### Work to complete
Below are entries. Copy exactly the lines running from the line that holds "#10486=LINE('',#12018,#12019);" to the line that holds "#10500=VERTEX_POINT('',#12052);", with both ends included.

(Provided entries)

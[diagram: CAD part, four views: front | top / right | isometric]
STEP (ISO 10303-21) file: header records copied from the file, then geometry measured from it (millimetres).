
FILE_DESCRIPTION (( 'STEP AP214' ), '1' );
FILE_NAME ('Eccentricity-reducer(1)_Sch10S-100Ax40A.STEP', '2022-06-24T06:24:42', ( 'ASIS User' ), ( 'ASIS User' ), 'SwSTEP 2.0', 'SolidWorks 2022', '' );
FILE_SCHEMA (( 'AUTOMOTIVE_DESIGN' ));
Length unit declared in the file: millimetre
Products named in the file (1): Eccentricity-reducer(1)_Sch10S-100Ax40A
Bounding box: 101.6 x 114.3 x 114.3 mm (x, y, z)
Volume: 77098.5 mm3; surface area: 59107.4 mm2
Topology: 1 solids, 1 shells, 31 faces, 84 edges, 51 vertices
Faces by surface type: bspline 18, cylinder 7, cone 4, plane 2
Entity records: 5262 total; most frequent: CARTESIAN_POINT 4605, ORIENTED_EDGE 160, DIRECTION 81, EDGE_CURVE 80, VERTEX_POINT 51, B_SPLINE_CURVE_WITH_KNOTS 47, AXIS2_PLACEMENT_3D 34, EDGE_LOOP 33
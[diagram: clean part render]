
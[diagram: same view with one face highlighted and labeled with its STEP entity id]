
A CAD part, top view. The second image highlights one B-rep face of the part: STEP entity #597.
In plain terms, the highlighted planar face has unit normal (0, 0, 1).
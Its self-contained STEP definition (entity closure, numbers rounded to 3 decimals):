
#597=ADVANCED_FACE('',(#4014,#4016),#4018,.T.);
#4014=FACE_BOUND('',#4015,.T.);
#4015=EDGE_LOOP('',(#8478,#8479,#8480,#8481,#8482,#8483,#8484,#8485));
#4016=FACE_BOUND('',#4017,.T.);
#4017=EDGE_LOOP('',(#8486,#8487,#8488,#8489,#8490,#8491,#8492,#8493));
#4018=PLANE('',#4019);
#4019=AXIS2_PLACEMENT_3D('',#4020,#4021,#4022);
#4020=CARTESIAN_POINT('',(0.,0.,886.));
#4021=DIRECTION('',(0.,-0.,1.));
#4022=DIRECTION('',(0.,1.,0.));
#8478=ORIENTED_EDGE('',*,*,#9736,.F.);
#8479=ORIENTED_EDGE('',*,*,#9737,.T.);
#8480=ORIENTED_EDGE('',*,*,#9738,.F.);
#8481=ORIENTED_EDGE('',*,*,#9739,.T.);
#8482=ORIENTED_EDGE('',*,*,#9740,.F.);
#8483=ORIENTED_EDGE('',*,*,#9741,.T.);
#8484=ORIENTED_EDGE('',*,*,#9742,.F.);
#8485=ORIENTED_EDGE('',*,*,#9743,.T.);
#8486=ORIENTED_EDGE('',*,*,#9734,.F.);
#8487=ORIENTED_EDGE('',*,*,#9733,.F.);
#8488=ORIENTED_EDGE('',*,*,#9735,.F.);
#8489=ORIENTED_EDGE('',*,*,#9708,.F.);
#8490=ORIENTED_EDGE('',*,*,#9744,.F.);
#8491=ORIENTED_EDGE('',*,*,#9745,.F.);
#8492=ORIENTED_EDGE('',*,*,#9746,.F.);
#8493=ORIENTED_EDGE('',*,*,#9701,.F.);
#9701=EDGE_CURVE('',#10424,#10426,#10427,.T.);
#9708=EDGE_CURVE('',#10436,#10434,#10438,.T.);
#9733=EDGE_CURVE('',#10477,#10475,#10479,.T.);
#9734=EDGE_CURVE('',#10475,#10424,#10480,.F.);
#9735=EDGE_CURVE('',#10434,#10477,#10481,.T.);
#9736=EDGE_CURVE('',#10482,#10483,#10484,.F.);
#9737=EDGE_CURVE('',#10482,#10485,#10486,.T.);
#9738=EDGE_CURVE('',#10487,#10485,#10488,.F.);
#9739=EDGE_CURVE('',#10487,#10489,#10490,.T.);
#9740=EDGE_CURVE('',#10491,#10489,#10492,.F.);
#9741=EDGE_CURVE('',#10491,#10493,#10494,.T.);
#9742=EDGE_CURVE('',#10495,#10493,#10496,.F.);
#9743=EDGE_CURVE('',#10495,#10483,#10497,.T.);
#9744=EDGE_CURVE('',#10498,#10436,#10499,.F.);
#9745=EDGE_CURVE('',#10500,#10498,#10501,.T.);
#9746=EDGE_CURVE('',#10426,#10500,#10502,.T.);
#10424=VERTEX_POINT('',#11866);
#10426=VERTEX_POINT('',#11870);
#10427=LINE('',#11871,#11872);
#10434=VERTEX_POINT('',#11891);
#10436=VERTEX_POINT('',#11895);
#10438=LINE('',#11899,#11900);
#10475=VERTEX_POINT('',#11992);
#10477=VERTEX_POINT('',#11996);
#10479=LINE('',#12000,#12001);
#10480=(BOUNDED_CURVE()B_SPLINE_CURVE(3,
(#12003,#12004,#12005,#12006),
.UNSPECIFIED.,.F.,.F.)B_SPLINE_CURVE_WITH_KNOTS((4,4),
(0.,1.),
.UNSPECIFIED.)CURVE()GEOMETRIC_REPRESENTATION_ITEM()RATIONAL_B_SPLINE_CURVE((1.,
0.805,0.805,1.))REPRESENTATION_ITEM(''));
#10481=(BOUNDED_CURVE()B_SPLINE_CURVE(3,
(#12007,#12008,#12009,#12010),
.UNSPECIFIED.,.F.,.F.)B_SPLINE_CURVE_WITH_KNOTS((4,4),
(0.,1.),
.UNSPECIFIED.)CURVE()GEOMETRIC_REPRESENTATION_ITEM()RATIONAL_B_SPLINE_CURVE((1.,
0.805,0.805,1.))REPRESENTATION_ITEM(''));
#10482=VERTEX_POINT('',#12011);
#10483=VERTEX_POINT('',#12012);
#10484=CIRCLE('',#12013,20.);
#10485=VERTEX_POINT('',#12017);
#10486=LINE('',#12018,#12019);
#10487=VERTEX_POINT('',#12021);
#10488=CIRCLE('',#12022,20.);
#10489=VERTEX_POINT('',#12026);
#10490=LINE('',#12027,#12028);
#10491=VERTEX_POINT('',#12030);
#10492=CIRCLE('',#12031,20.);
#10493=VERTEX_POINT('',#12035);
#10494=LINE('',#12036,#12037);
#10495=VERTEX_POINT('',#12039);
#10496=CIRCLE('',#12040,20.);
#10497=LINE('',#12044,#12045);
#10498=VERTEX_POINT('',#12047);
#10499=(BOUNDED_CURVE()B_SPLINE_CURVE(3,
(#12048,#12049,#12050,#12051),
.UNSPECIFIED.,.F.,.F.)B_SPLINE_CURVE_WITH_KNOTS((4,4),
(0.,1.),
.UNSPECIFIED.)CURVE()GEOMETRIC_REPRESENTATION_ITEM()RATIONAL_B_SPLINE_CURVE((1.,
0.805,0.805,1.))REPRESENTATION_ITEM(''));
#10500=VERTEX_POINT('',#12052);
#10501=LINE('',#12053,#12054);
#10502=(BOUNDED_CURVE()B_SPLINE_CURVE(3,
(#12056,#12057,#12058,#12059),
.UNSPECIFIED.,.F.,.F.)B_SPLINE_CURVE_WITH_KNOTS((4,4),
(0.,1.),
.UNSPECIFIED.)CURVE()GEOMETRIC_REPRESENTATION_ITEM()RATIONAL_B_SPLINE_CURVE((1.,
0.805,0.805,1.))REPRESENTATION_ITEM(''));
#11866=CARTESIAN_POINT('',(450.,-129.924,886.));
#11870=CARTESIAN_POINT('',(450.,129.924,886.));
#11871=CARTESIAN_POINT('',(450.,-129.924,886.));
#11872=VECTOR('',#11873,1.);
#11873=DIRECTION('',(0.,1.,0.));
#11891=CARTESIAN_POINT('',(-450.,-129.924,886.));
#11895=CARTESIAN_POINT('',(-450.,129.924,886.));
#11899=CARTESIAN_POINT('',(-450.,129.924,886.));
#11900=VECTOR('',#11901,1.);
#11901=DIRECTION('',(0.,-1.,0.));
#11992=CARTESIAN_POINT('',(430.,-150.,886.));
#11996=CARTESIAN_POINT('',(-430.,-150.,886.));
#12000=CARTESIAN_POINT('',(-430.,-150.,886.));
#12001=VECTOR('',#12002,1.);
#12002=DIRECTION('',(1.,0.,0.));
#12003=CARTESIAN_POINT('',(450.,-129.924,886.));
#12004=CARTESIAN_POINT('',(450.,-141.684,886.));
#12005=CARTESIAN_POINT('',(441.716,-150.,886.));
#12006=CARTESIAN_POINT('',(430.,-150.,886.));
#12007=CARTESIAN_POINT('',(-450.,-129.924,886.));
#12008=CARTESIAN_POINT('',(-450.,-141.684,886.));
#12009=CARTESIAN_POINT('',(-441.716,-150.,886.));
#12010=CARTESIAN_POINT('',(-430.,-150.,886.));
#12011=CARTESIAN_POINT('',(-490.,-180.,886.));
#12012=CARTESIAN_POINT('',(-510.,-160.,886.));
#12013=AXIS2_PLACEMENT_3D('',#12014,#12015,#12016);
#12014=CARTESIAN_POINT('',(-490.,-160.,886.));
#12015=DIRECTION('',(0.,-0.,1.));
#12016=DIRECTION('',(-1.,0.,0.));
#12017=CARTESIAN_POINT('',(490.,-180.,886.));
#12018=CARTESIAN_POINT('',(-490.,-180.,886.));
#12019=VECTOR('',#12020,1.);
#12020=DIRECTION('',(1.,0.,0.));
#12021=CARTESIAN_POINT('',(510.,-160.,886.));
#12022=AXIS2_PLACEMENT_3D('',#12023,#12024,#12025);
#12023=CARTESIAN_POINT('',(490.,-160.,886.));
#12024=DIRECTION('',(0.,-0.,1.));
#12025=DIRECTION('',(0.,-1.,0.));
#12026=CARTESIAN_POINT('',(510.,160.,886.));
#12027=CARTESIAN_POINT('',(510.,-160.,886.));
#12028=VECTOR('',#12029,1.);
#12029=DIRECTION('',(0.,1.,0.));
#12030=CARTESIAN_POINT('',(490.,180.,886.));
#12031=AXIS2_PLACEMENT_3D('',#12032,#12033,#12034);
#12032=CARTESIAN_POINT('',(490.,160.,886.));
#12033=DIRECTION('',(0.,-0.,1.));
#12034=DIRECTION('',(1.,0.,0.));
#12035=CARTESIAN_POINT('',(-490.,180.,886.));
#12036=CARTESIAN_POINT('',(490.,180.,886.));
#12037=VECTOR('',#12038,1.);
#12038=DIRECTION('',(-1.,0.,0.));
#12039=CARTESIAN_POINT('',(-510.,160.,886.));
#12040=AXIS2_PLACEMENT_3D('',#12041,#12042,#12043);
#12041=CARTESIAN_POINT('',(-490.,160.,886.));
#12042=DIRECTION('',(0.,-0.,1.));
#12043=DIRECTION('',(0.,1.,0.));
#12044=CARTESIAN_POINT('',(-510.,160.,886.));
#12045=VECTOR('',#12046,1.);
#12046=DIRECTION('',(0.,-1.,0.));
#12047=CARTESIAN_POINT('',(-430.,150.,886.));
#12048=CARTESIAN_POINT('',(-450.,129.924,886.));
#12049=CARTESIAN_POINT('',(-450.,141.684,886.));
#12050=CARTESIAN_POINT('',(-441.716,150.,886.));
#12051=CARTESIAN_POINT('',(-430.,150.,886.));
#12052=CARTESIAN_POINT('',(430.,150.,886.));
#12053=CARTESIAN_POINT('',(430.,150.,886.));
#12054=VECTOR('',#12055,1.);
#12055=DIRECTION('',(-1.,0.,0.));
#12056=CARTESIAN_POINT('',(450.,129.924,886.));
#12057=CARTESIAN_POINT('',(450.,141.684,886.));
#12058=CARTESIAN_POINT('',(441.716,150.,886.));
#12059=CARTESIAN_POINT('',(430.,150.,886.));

(End Provided entries)

### Response to this task
#10486=LINE('',#12018,#12019);
#10487=VERTEX_POINT('',#12021);
#10488=CIRCLE('',#12022,20.);
#10489=VERTEX_POINT('',#12026);
#10490=LINE('',#12027,#12028);
#10491=VERTEX_POINT('',#12030);
#10492=CIRCLE('',#12031,20.);
#10493=VERTEX_POINT('',#12035);
#10494=LINE('',#12036,#12037);
#10495=VERTEX_POINT('',#12039);
#10496=CIRCLE('',#12040,20.);
#10497=LINE('',#12044,#12045);
#10498=VERTEX_POINT('',#12047);
#10499=(BOUNDED_CURVE()B_SPLINE_CURVE(3,
(#12048,#12049,#12050,#12051),
.UNSPECIFIED.,.F.,.F.)B_SPLINE_CURVE_WITH_KNOTS((4,4),
(0.,1.),
.UNSPECIFIED.)CURVE()GEOMETRIC_REPRESENTATION_ITEM()RATIONAL_B_SPLINE_CURVE((1.,
0.805,0.805,1.))REPRESENTATION_ITEM(''));
#10500=VERTEX_POINT('',#12052);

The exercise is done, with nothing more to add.